Your goal:
Go through the data below. Pull out every line that has the word "writes".

Input material:
★ ★ ★ ★ ★ ★ ★

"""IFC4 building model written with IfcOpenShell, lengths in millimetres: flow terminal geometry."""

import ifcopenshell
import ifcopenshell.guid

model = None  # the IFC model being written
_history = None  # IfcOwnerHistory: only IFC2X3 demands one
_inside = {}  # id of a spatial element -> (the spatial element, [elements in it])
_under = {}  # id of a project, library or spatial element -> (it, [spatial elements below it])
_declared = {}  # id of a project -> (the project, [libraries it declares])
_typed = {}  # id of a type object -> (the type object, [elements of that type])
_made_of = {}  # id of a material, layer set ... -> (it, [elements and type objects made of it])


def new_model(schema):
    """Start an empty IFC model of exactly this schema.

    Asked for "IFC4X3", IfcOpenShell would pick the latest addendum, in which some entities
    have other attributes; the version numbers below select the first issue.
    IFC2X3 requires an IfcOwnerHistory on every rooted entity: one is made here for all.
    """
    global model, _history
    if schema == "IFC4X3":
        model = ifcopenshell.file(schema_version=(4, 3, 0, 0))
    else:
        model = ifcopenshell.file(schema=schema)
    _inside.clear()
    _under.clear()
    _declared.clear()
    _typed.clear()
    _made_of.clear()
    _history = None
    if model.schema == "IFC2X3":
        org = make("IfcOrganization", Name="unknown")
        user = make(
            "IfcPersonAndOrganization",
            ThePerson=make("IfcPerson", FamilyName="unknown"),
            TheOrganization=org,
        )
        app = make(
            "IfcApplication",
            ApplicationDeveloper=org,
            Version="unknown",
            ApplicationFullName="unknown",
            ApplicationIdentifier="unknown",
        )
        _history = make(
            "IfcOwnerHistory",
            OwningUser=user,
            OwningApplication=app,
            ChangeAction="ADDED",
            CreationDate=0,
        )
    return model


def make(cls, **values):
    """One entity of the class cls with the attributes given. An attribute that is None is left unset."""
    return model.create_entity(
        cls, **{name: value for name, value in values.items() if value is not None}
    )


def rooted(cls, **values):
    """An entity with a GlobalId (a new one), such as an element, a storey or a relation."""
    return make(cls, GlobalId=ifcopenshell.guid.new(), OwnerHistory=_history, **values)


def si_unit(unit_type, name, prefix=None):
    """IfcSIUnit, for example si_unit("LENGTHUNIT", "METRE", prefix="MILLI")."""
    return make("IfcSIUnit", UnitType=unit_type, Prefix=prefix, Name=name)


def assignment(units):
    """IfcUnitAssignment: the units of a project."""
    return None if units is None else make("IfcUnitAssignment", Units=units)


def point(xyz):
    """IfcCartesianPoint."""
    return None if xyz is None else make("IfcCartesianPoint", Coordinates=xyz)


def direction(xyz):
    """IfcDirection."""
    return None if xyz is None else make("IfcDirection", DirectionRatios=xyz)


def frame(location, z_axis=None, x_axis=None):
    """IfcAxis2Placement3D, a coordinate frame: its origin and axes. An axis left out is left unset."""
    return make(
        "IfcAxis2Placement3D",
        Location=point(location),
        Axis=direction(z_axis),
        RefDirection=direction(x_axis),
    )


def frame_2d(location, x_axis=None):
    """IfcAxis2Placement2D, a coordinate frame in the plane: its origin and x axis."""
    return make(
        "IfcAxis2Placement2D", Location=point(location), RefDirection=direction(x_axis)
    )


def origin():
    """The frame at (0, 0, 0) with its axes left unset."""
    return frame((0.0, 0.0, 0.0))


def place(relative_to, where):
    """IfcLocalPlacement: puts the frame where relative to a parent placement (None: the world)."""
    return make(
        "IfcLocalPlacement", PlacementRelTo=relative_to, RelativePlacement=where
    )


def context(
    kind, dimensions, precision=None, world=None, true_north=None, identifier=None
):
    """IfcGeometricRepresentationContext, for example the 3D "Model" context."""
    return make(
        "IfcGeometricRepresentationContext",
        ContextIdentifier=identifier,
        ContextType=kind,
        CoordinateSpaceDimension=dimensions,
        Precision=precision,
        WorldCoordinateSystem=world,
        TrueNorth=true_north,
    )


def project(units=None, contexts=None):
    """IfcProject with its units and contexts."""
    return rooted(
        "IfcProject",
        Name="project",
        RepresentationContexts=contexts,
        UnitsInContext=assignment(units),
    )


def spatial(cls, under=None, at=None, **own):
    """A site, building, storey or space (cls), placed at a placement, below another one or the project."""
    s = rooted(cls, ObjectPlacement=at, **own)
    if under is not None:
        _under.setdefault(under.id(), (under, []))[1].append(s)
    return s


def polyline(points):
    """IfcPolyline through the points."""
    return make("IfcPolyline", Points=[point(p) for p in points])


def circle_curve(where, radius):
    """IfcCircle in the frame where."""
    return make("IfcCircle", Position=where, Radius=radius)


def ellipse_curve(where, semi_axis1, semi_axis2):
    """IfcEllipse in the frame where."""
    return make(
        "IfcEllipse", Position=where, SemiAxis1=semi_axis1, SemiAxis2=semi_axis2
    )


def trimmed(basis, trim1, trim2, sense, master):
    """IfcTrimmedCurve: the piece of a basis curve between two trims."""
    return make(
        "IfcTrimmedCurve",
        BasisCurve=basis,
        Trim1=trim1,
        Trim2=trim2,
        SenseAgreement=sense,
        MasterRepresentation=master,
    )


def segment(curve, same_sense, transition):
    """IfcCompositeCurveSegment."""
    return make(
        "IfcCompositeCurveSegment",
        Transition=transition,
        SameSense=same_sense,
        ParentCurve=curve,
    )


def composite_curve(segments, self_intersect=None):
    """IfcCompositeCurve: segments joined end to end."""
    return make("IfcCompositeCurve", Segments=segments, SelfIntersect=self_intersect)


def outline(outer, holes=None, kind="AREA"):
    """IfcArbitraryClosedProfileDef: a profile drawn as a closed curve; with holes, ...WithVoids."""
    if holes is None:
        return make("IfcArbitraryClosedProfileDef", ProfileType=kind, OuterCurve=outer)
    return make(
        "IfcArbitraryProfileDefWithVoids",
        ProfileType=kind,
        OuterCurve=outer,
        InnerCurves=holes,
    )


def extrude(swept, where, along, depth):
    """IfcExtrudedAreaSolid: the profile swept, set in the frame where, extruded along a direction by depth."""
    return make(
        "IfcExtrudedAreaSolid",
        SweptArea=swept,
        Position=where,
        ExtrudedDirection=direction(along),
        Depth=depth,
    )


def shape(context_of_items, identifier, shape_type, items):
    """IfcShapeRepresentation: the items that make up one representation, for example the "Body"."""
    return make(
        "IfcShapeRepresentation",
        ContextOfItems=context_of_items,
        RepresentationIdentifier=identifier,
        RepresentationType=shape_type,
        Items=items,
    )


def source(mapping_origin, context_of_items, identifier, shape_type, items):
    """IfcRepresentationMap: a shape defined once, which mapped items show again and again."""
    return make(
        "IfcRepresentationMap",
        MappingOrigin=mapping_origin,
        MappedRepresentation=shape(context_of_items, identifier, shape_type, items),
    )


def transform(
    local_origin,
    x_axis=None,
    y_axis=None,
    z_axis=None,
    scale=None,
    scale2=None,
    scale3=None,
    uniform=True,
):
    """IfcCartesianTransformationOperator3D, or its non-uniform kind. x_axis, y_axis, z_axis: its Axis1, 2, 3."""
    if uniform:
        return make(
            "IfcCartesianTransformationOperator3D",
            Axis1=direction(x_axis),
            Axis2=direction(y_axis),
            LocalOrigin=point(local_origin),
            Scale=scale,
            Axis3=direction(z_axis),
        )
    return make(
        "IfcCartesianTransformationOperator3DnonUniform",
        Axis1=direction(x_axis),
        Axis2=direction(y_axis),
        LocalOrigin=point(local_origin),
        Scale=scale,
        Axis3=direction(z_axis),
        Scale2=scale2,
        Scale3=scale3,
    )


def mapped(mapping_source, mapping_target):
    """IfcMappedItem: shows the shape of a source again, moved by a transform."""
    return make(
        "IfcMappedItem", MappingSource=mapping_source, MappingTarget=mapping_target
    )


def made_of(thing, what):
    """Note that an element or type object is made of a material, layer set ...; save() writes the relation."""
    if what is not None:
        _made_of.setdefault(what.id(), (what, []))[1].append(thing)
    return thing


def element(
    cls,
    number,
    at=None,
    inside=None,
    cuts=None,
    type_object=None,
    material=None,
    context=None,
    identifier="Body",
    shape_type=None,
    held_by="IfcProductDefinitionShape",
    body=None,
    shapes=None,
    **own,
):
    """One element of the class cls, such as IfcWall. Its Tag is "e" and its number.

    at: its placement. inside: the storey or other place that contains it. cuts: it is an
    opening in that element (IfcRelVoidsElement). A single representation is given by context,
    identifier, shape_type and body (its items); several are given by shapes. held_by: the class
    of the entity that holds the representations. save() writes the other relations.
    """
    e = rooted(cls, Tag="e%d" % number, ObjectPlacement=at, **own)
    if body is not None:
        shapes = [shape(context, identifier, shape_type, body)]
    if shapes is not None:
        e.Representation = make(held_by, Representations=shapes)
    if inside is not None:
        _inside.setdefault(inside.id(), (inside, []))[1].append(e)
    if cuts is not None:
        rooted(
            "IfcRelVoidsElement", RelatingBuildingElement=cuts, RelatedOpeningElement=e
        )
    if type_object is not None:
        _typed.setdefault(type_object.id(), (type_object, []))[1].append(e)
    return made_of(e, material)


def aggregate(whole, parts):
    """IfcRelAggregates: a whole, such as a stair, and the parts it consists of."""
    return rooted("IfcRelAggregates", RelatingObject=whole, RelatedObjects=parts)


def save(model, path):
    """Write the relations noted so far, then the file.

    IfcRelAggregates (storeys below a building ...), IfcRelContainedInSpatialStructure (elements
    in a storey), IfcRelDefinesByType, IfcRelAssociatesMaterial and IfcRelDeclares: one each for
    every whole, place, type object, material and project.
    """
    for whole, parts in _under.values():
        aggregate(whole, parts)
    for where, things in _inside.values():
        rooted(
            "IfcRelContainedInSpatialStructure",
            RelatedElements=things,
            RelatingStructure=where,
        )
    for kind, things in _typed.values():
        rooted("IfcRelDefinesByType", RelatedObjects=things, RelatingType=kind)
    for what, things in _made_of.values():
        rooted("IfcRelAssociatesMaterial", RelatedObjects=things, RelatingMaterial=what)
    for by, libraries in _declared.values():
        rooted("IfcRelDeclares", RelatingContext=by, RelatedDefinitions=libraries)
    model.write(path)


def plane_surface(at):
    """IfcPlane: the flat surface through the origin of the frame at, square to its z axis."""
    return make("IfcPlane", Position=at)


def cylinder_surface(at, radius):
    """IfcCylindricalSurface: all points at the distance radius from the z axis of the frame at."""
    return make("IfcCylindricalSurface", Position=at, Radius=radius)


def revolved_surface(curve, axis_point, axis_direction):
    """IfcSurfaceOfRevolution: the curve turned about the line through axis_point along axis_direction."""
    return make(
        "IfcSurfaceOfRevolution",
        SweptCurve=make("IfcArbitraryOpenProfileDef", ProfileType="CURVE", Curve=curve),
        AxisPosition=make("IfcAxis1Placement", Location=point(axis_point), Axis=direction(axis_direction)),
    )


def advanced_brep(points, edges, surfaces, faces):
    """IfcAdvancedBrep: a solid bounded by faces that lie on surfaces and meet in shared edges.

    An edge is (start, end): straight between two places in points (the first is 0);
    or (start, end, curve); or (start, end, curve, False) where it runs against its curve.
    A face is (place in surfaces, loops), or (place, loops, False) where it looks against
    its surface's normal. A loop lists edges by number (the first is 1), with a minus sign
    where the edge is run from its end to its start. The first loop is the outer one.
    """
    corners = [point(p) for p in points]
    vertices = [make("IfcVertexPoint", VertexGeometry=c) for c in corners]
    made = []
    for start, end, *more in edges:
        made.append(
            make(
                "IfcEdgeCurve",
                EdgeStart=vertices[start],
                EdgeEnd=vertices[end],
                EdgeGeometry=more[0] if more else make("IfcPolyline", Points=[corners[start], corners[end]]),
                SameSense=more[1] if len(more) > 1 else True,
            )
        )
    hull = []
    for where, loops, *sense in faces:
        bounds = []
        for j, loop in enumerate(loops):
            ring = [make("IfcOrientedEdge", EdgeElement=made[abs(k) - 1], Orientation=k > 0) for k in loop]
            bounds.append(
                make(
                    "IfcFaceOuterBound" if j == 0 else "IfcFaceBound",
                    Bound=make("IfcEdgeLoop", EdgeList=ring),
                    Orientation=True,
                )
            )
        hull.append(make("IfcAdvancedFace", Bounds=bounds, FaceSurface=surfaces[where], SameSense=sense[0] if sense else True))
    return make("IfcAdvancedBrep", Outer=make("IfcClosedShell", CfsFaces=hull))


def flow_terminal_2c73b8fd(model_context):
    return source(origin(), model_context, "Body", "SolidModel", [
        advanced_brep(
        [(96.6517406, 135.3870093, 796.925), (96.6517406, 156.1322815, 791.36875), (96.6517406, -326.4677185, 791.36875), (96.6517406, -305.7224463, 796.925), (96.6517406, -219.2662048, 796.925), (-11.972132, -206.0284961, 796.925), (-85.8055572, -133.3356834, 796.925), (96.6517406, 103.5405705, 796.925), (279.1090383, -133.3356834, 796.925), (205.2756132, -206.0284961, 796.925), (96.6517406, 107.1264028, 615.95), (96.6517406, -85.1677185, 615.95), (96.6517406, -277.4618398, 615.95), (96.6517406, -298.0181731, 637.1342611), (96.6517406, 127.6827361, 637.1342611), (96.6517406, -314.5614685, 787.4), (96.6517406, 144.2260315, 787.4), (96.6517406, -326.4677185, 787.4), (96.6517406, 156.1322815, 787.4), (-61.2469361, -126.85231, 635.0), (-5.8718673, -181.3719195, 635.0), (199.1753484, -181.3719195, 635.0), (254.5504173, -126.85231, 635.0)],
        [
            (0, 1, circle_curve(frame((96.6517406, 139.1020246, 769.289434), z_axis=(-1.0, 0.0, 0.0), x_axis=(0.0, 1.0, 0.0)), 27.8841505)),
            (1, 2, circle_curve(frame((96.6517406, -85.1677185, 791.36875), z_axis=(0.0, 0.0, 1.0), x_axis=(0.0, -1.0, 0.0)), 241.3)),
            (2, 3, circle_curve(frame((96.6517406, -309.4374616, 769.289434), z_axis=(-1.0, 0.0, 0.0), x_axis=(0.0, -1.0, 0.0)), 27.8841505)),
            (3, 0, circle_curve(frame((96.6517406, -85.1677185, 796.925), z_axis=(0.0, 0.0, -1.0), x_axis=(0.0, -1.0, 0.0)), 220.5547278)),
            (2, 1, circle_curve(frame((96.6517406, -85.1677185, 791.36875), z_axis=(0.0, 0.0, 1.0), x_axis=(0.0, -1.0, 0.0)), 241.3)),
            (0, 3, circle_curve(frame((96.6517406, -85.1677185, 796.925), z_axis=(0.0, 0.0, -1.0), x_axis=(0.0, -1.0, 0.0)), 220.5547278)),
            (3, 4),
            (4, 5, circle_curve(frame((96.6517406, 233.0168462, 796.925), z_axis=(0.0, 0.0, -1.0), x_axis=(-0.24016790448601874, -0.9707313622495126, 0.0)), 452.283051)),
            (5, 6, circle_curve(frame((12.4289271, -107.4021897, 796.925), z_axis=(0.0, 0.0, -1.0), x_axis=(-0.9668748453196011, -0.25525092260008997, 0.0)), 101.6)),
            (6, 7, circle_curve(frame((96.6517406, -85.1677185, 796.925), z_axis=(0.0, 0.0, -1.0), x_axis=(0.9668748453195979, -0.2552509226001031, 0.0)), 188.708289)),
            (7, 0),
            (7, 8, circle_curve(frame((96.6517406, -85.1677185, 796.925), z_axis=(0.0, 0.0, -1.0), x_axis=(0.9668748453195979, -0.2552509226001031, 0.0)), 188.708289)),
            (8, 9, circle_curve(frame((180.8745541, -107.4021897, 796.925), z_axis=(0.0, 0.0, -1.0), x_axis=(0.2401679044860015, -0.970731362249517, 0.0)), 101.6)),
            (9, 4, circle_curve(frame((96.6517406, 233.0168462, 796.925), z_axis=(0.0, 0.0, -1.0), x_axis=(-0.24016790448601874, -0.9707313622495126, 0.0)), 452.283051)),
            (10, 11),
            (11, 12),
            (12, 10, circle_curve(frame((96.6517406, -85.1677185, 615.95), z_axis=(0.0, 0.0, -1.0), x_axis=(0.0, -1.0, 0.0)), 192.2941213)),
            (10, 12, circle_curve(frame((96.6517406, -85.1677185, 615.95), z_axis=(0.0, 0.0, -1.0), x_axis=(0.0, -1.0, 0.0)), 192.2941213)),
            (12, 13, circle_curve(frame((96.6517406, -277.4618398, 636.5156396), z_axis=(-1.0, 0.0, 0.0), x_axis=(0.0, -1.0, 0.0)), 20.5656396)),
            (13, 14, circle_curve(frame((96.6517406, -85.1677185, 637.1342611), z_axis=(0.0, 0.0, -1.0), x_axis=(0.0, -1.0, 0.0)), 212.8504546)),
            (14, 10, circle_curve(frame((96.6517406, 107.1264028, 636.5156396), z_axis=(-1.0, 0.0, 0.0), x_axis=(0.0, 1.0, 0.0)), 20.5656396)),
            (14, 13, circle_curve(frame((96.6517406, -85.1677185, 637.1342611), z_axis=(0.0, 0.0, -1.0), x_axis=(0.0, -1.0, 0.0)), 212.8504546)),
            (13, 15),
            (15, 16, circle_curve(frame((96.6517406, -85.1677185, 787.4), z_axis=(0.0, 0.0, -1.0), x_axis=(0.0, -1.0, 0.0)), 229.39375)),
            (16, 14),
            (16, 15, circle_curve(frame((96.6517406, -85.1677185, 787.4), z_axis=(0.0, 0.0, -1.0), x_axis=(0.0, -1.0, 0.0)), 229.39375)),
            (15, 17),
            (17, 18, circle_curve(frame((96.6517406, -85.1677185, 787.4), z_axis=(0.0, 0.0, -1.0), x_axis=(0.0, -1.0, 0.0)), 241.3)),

★ ★ ★ ★ ★ ★ ★

Final answer:
    """Note that an element or type object is made of a material, layer set ...; save() writes the relation."""
    of the entity that holds the representations. save() writes the other relations.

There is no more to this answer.